The key to understanding the disease network is to enrich the value of existing edges and to infer new ones based on this enriched value. There is a wealth of information concerning diseases, metabolism, gene ontology, drug targets, miRNA, protein-protein interaction, gene regulation, and gene expression. Unfortunately, there are large areas of missing and overlapping data as well as many false positives and even more false negatives. This makes it difficult to assemble the puzzle and gain knowledge. One can use algorithms such as ADTree which can filter through noisy data to find the most informative and conserved characteristics of a disease-disease relationship. Cancer A and noncancer disease B, though they may not share a causal gene(s) according to OMIM, but may be related at some distance through a common metabolic pathway, co-regulating transcription factor, or negative regulation by one or more miRNAs. Any of these three could be a false positive association. When analyzed together along with other available data, however, a more complete biological process comes into focus and the noise problem can be mitigated. The ADTree allows us to easily visualize which biological processes contribute most to the disease relationship, eliminating the ‘black box’ effect of many machine learning algorithms.

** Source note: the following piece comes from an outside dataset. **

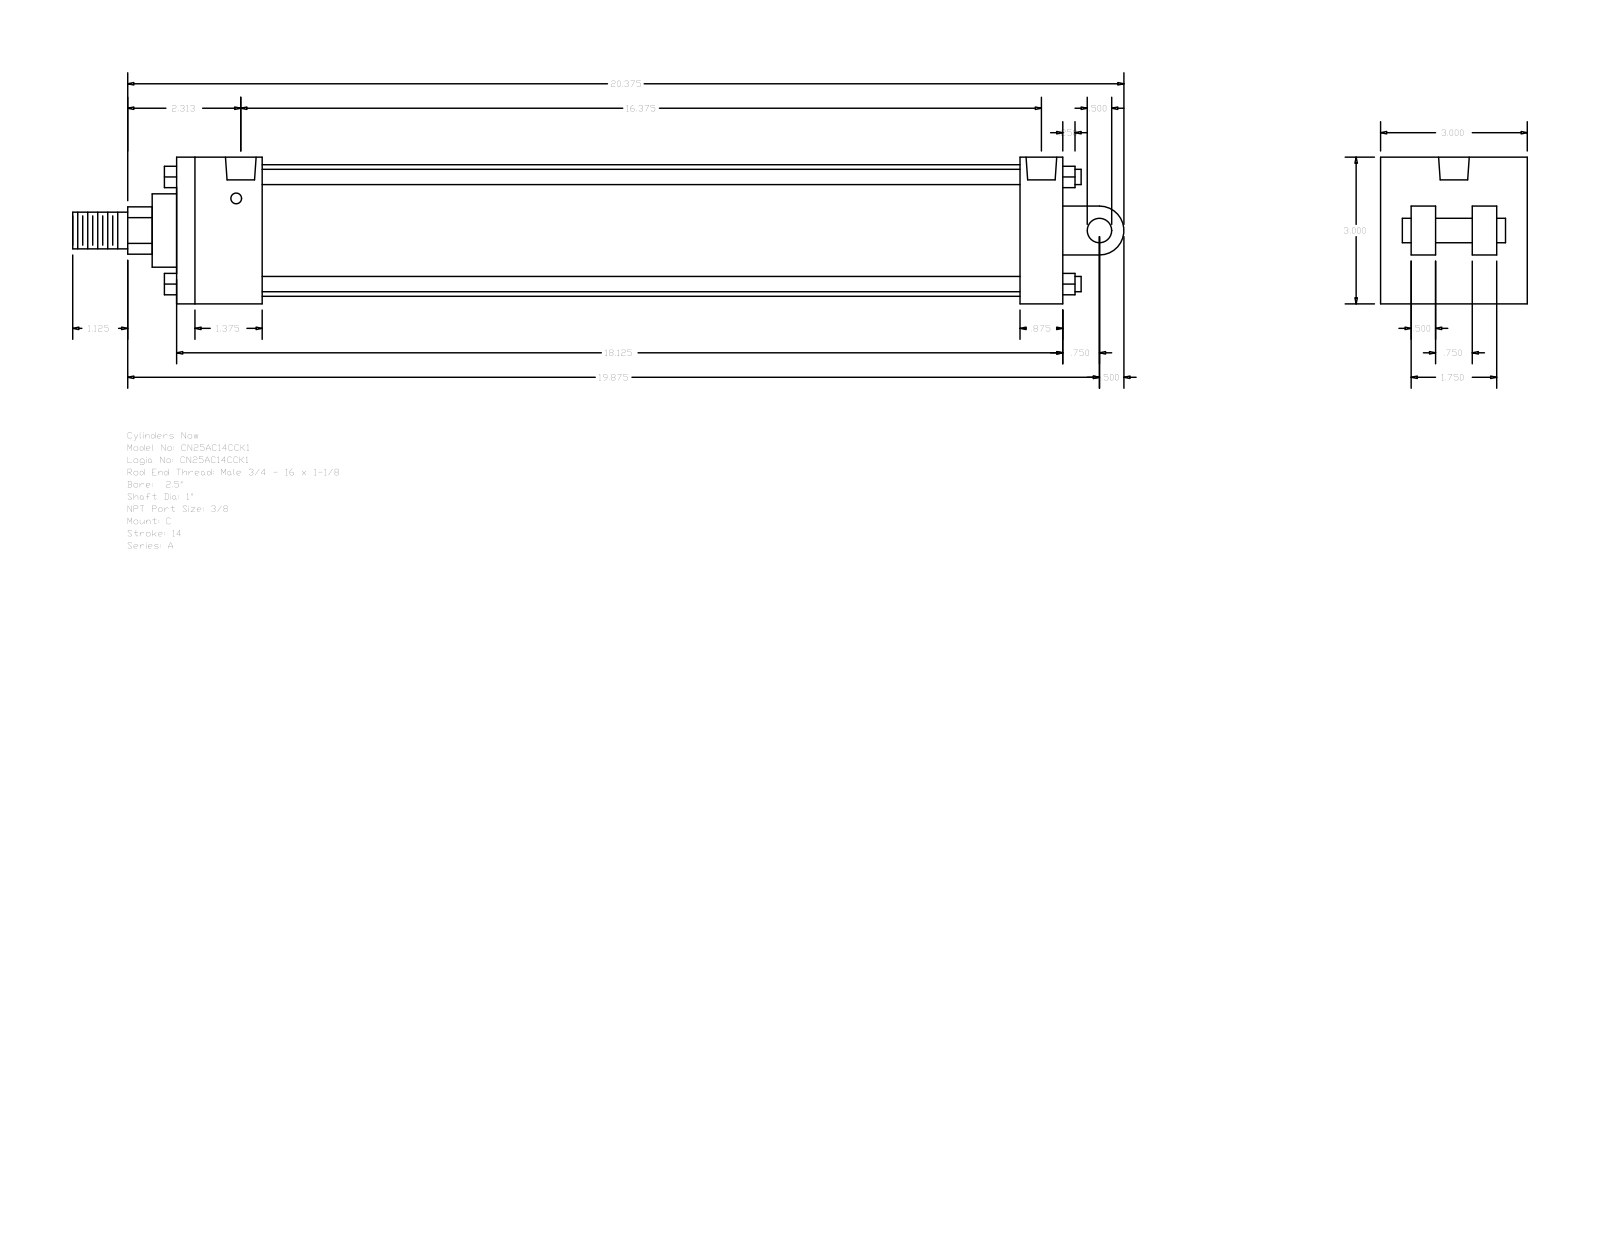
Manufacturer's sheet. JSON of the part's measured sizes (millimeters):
{"part_name": "A_C__0250_1", "step_written_by": "GSSL Pune (CONFIG_CONTROL_DESIGN)", "units": "millimeters", "bodies": {"solids": 0, "faces": 135, "planar": 102, "cylindrical": 33, "other": 0}, "overall_size": [546.1, 76.2, 76.2], "round_holes": [[5.56, 4], [15.93, 2]], "round_bosses_or_shafts": [[7.94, 4], [68.33, 1], [38.1, 1], [25.4, 1], [19.05, 1], [12.7, 1]], "partial_cylinders_radius": [[12.29, 1], [12.7, 1]], "face_to_face_distances": [76.2, 460.37, 12.7, 44.45, 438.15, 393.7, 415.92, 22.22, 15.87, 25.4], "hole_center_spacings": [2.38, 418.3, 420.68, 415.92]}

Overall, we believe cancer is both unique and related to other diseases. Study of all diseases as a network system can generate many interesting results. For example; drug of related non-cancer diseases may help treat the side effects of cancer drugs; the complex relationship between bacteria and cancer: bacteria can be both beneficial and cancer-causing, can provide new ideas about cancer treatment; mechanisms and tissue-specificity of non-cancer diseases may prime the cellular environment for metastasis. We expect in the near future, with enormous genotype and phenotype data available for all diseases, there will be a novel view point for cancer research that will emerge from the disease network study.